Iran Faces Infant Formula Crisis Amidst Economic and Political Strain

Iran's ongoing baby formula shortage, which affects both imports and domestic production, is causing widespread distress among parents.
Iran's ongoing baby formula shortage, which affects both imports and domestic production, is causing widespread distress among parents.

Iran's ongoing baby formula shortage, which affects both imports and domestic production, is causing widespread distress among parents.

 

Parents are now mandated to register via a dedicated system, providing their national ID numbers, to obtain infant formula. Hani Tahvilzadeh, the chief of the Infant Formula Producers Association, remarked on October 17, “The foreign currency needed for importing infant formula hasn’t been allocated in the last six months. As a result, several infant formula production facilities have shut down, with more anticipated to follow.

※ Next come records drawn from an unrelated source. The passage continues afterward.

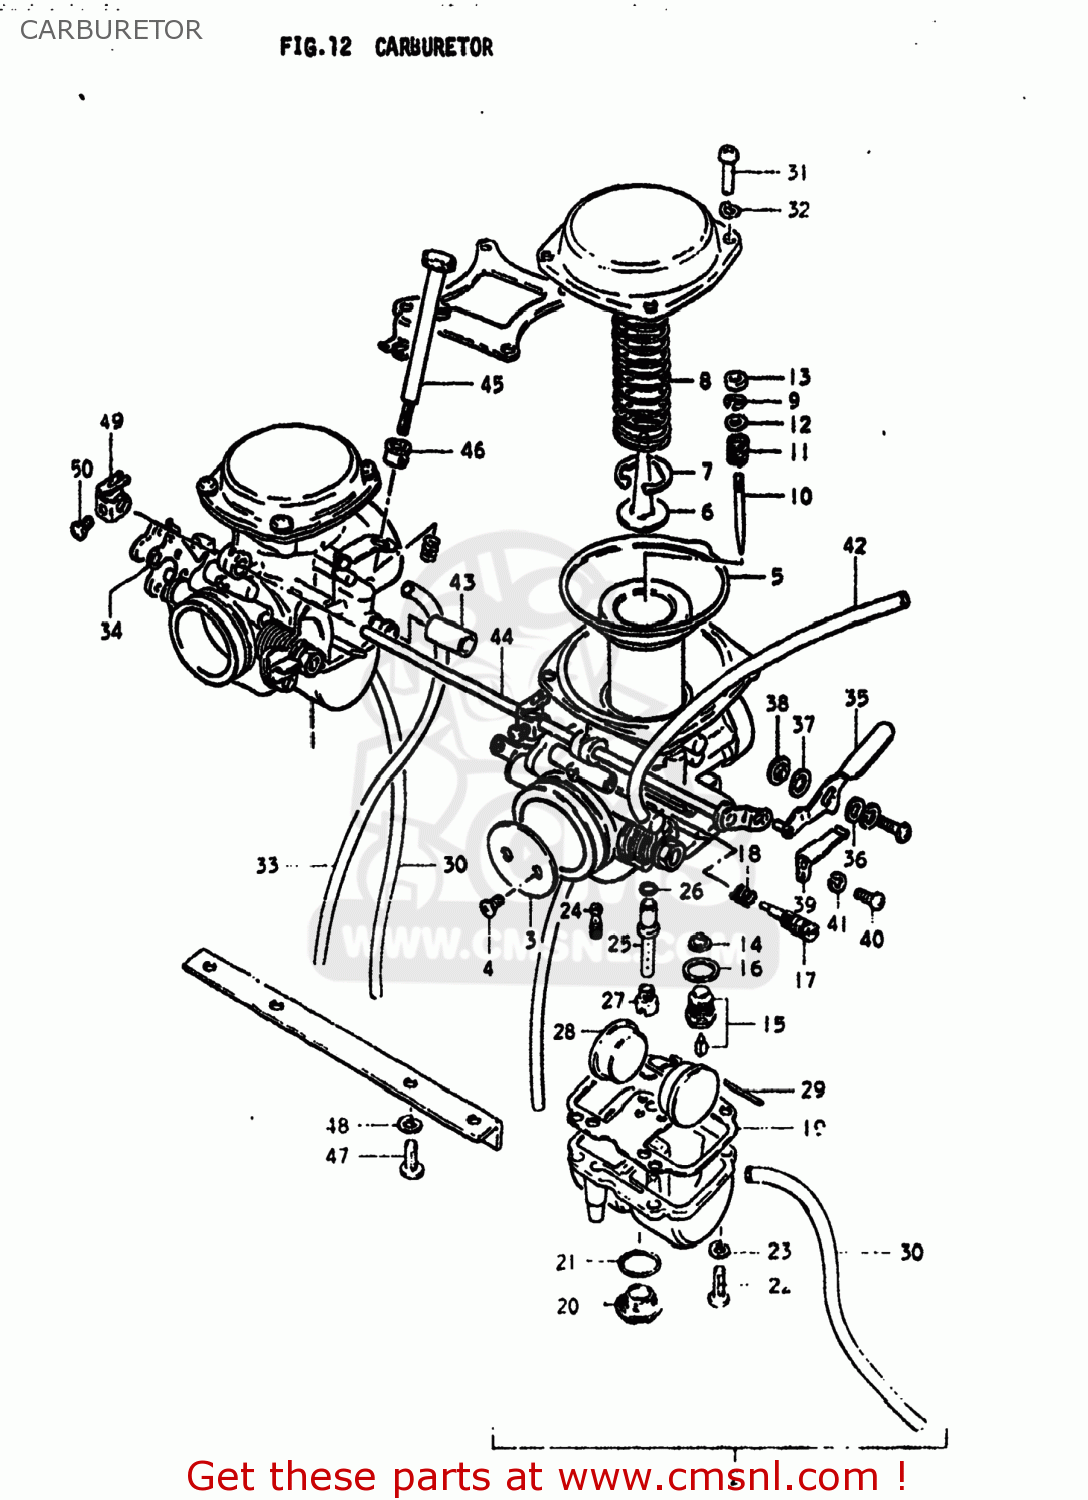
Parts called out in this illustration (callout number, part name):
1	CARBURETOR ASSEMBLY
2	CARBURETOR ASSEMBLY
3	VALVE,THROTTLE
4	SCREW
5	DIAPHRAGM ASSEMBLY
6	HOLDER,GUIDE
7	E RING
8	SPRING,DIAPHRAGM
9	CLIP
10	NEEDLE JET
11	SPRING
12	WASHER
13	RING
14	FILTER
15	VALVE ASSY,NEEDLE
16	GASKET,MAIN JET HOLDER (NAS)
17	SCREW,PILOT AIR
18	SPRING,THROTTLE SCREW
19	GASKET,FLOAT CHAMBER (NAS)
20	SCREW,GUIDE
21	O-RING
22	SCREW
23	LOCK WASHER
24	JET,PILOT
25	JET,NEEDLE
26	O-RING
27	SET, MAIN
28	FLOAT
29	PIN,FLOAT
30	HOSE
31	SCREW
32	LOCK WASHER
33	HOSE
34	GASKET
35	LEVER
36	WASHER,STARTER LEVER
37	WASHER,STARTER LEVER
38	RING,STARTER LEVER
39	SPRING
40	SCREW
41	LOCK WASHER
42	HOSE
43	HOSE
44	SHAFT,STARTER
45	ADJUSTER
46	BUSH
47	SCREW 6X12
48	LOCK WASHER
49	LEVER, STARTER
50	SCREW

It’s perplexing, given that the cost of importing is triple compared to domestic production.” The recent introduction of four million cans of baby formula from Turkey has puzzled local producers, particularly when domestic demand was sufficiently met with the production of 61 million cans the previous year. For a decade and a half, Iran has been self-sufficient in baby formula production, even exporting surplus to neighboring nations.

Tahvilzadeh claims domestic factories can produce up to 117 million cans annually, almost twice what is needed. With this production capacity, the ongoing shortage seems inexplicable. But the lack of foreign currency allocation for raw materials might escalate the issue into a national crisis if it persists. Profit-seeking networks are attempting to acquire additional foreign currency to import vast quantities of infant formula.

 

 

Of the five major infant formula factories, three are in debt, one has ceased operations, and the fifth is on the brink of shutting down. The Central Bank’s reluctance to allocate necessary foreign currency to local manufacturers is the primary obstacle. Instead, the bank offers thrice the rate to state-backed importers to address the formula deficit. This has led to the sad reality of Iranians receiving baby formula coupons and confronting a dire situation concerning their children’s nourishment.

While the Central Bank cites a debt of $69.8 million (equivalent to 3 trillion tomans) by local factories as the reason for not securing the needed foreign currency, the Food and Drug Administration of Iran has greenlit the import of 30 million cans of infant formula.

This formula rationing isn’t confined to underprivileged regions but extends to provinces including parts of Tehran. Since October 12, parents must submit national IDs and the baby’s birthdate at pharmacies to acquire formula.

 

 

Government-affiliated Fars News agency has reported shortages of specific allergy-friendly infant formulas in numerous cities, including Tehran. Prices have skyrocketed. For instance, “Nan” infant formula, priced at 43,000 tomans last year, is now 80,000 tomans. The “Hipp Organic” formula has witnessed a price hike from 229,000 to 450,000 tomans.

In a stark contrast, Ensieh Khazali, a presidential deputy in Women’s Affairs, audaciously encourages families to have five to six children to bolster “national strength.” This, paired with consistent appeals by Supreme Leader Ali Khamenei for increased childbirth, leaves many questioning the regime’s policies, which seem counterproductive to its citizens’ well-being. The government’s measures appear to exacerbate an already tangled web of economic, social, and political crises.